INSTRUCTIONS FOR THE TASK
Nothing but the records, transcribed verbatim and stripped of images, should appear in the answer.

TASK INPUT
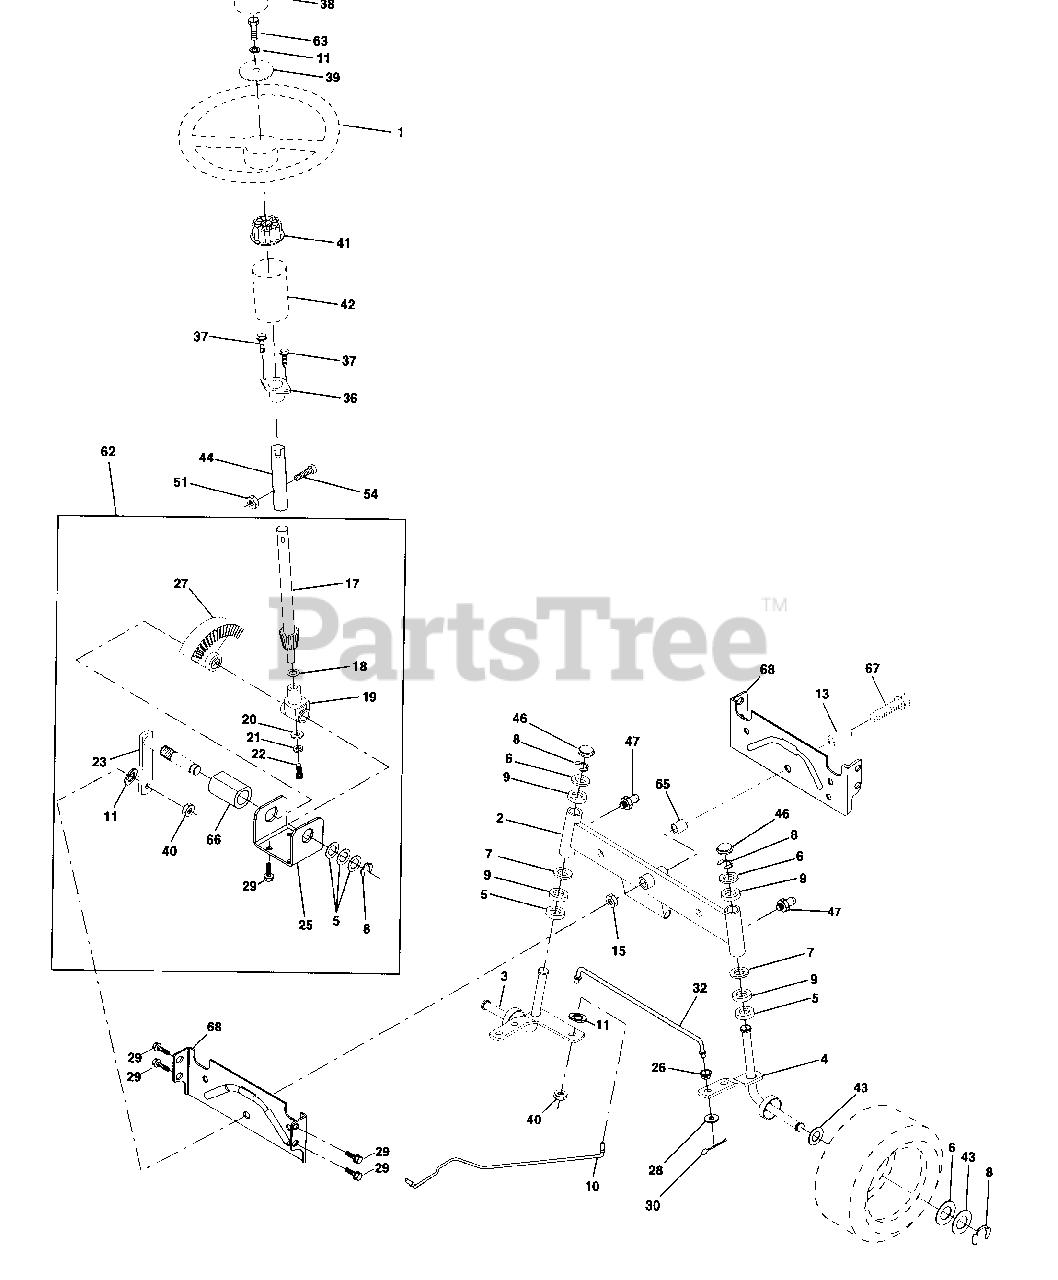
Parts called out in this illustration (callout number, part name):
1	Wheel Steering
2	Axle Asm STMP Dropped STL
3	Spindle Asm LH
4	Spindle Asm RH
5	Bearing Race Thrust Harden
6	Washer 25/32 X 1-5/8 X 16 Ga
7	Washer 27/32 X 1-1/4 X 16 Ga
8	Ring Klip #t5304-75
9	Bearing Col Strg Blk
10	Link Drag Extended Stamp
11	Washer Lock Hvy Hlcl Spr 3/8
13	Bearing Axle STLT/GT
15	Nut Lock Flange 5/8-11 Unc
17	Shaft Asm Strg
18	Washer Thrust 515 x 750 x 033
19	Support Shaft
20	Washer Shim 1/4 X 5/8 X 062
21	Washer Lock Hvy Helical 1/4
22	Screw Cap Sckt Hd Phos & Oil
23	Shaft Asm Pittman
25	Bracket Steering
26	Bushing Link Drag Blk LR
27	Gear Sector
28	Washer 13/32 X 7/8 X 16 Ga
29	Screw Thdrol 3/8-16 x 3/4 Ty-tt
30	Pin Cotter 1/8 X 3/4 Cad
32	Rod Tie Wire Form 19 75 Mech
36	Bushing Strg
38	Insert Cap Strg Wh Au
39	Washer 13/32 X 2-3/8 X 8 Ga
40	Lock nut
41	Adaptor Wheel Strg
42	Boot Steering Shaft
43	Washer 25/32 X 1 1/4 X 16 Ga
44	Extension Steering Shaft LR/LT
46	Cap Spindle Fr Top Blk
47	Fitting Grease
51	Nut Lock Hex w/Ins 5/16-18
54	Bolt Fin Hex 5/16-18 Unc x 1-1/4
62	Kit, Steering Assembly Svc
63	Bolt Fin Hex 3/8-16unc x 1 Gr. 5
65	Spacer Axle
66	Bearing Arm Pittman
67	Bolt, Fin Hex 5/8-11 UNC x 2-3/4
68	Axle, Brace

TASK RESPONSE
Parts called out in this illustration (callout number, part name):
1	Wheel Steering
2	Axle Asm STMP Dropped STL
3	Spindle Asm LH
4	Spindle Asm RH
5	Bearing Race Thrust Harden
6	Washer 25/32 X 1-5/8 X 16 Ga
7	Washer 27/32 X 1-1/4 X 16 Ga
8	Ring Klip #t5304-75
9	Bearing Col Strg Blk
10	Link Drag Extended Stamp
11	Washer Lock Hvy Hlcl Spr 3/8
13	Bearing Axle STLT/GT
15	Nut Lock Flange 5/8-11 Unc
17	Shaft Asm Strg
18	Washer Thrust 515 x 750 x 033
19	Support Shaft
20	Washer Shim 1/4 X 5/8 X 062
21	Washer Lock Hvy Helical 1/4
22	Screw Cap Sckt Hd Phos & Oil
23	Shaft Asm Pittman
25	Bracket Steering
26	Bushing Link Drag Blk LR
27	Gear Sector
28	Washer 13/32 X 7/8 X 16 Ga
29	Screw Thdrol 3/8-16 x 3/4 Ty-tt
30	Pin Cotter 1/8 X 3/4 Cad
32	Rod Tie Wire Form 19 75 Mech
36	Bushing Strg
38	Insert Cap Strg Wh Au
39	Washer 13/32 X 2-3/8 X 8 Ga
40	Lock nut
41	Adaptor Wheel Strg
42	Boot Steering Shaft
43	Washer 25/32 X 1 1/4 X 16 Ga
44	Extension Steering Shaft LR/LT
46	Cap Spindle Fr Top Blk
47	Fitting Grease
51	Nut Lock Hex w/Ins 5/16-18
54	Bolt Fin Hex 5/16-18 Unc x 1-1/4
62	Kit, Steering Assembly Svc
63	Bolt Fin Hex 3/8-16unc x 1 Gr. 5
65	Spacer Axle
66	Bearing Arm Pittman
67	Bolt, Fin Hex 5/8-11 UNC x 2-3/4
68	Axle, Brace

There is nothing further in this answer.